On another note, I only take one horse to rides so I'm with him (or we're both in camp) at all times. If I had a second horse, I would absolutely feel more comfortable and more able to focus on the task at hand if I knew there was someone at camp to keep an eye on my horse. Maybe as they (and I) become more experienced, that'll change. However, I've had to rescue more than one horse when it's owner was in the middle of a ride on another one. Be kind at rides, because we all appreciate when someone else is looking out for us as well, especially when we don't have an assigned crew to take care of things when we're not there.


----------



## Joe4d (Sep 1, 2011)

you dont need crew, especialy for an LD, Ive never seen an LD with more than one hold. Just pic a ride and go, tell the RM your a new rider this is your first LD, they will team you up, ask around for a turtle rider. IE someone that is looking for a completion and will be riding at a slower pace. After the evenign riders meeting there will be a new comers briefing, let you know everything. From the outside it seems confusing but it really isnt that bad. Once you do one you'll be fine. Just get your horse in shape, get out and ride , thats the hard part. Look at AERC calandar I see you are in NC, what ride were you looking to do your first on ? Leatherwood is tough terrain but a good ride, Broxton in SC is easyier terrain and a good ride also.
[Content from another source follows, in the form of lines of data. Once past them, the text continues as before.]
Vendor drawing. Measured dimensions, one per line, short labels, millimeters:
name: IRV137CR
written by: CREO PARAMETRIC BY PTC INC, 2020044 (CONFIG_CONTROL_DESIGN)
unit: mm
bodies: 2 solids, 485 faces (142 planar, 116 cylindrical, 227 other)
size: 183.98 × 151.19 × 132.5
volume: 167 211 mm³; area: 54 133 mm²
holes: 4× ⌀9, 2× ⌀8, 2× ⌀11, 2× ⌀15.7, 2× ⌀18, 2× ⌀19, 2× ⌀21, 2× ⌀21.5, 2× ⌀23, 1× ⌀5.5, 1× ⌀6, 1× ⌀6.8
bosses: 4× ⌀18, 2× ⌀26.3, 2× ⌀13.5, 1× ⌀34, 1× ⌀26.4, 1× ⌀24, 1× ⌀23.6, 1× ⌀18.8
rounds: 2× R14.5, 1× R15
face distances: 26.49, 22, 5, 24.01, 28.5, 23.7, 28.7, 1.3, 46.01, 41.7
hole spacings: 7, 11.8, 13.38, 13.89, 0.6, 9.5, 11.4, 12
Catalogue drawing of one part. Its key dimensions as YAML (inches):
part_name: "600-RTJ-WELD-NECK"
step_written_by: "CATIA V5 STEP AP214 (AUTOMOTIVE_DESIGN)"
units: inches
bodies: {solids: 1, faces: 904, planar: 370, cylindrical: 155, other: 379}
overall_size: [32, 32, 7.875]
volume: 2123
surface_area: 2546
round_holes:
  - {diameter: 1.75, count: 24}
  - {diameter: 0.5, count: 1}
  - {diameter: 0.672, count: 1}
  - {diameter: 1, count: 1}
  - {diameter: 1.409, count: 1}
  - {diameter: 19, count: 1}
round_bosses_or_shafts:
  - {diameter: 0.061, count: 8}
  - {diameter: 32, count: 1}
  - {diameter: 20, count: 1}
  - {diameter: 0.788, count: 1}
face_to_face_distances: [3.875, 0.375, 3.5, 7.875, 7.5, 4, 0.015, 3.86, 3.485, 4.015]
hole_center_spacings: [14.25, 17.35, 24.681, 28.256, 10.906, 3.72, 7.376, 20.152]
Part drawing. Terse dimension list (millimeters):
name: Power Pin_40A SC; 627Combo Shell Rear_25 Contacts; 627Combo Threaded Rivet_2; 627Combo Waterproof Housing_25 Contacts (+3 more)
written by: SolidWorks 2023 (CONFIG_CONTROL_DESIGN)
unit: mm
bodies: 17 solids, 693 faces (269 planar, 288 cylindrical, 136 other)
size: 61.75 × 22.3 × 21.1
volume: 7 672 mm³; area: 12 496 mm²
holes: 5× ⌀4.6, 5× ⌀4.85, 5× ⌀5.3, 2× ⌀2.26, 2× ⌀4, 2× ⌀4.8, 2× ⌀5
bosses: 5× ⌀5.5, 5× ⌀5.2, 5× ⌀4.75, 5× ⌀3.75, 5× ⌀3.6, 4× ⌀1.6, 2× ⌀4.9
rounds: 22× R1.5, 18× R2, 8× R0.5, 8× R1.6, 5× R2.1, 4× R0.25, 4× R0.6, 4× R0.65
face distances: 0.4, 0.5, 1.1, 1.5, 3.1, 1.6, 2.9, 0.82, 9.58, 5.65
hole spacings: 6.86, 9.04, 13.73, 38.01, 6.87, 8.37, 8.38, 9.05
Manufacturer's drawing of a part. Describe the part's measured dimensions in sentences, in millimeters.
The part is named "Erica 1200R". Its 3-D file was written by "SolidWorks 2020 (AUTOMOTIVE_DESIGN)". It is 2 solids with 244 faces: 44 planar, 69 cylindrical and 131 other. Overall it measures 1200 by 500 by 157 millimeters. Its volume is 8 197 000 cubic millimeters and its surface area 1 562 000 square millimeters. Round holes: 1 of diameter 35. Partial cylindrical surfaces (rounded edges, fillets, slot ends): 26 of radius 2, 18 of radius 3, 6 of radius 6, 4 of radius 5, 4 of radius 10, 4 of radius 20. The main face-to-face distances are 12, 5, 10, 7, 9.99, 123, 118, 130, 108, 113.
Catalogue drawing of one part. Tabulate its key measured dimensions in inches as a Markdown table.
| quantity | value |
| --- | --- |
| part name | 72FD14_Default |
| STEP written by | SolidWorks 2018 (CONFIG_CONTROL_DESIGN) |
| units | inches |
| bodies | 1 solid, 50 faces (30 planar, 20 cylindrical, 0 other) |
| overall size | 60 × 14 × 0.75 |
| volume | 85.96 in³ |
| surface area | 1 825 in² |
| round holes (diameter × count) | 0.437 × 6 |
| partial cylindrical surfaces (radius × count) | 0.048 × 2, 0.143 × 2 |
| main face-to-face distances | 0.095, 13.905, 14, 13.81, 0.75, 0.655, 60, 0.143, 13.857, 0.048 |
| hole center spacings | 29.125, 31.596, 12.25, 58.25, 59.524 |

You have alot of rides close to you. 
DOnt worry about weight class. just check the block when you register. I have never seen weight class awards or standings.


----------



## prairiewindlady (Sep 20, 2011)

Thank you everyone for taking the time to answer and spell things out for me - you don't know how much I appreciate it! 

Currently, I am hoping to volunteer at one of the spring rides (possibly Sand Hills in April and/or at the Biltmore in May) and possibly riding at Blue Ridge in June myself (fingers crossed!)


----------



## phantomhorse13 (Feb 18, 2011)

Crew shouldn't be necessary for an LD assuming your horse has at least half a brain. I think jilly's explanation was a great one in terms of being prepared. You will find 95% of people at rides are wonderful, and if you find you have forgotten something or need a hand, anybody around will be willing to help you if you just ask. I am an expert at the can-u-watch-my-mare-while-I-go-pee question (which is generally the only time I need crew. Dream would likely just stand and eat even if she was unattended, but I have never been brave enough to take that chance!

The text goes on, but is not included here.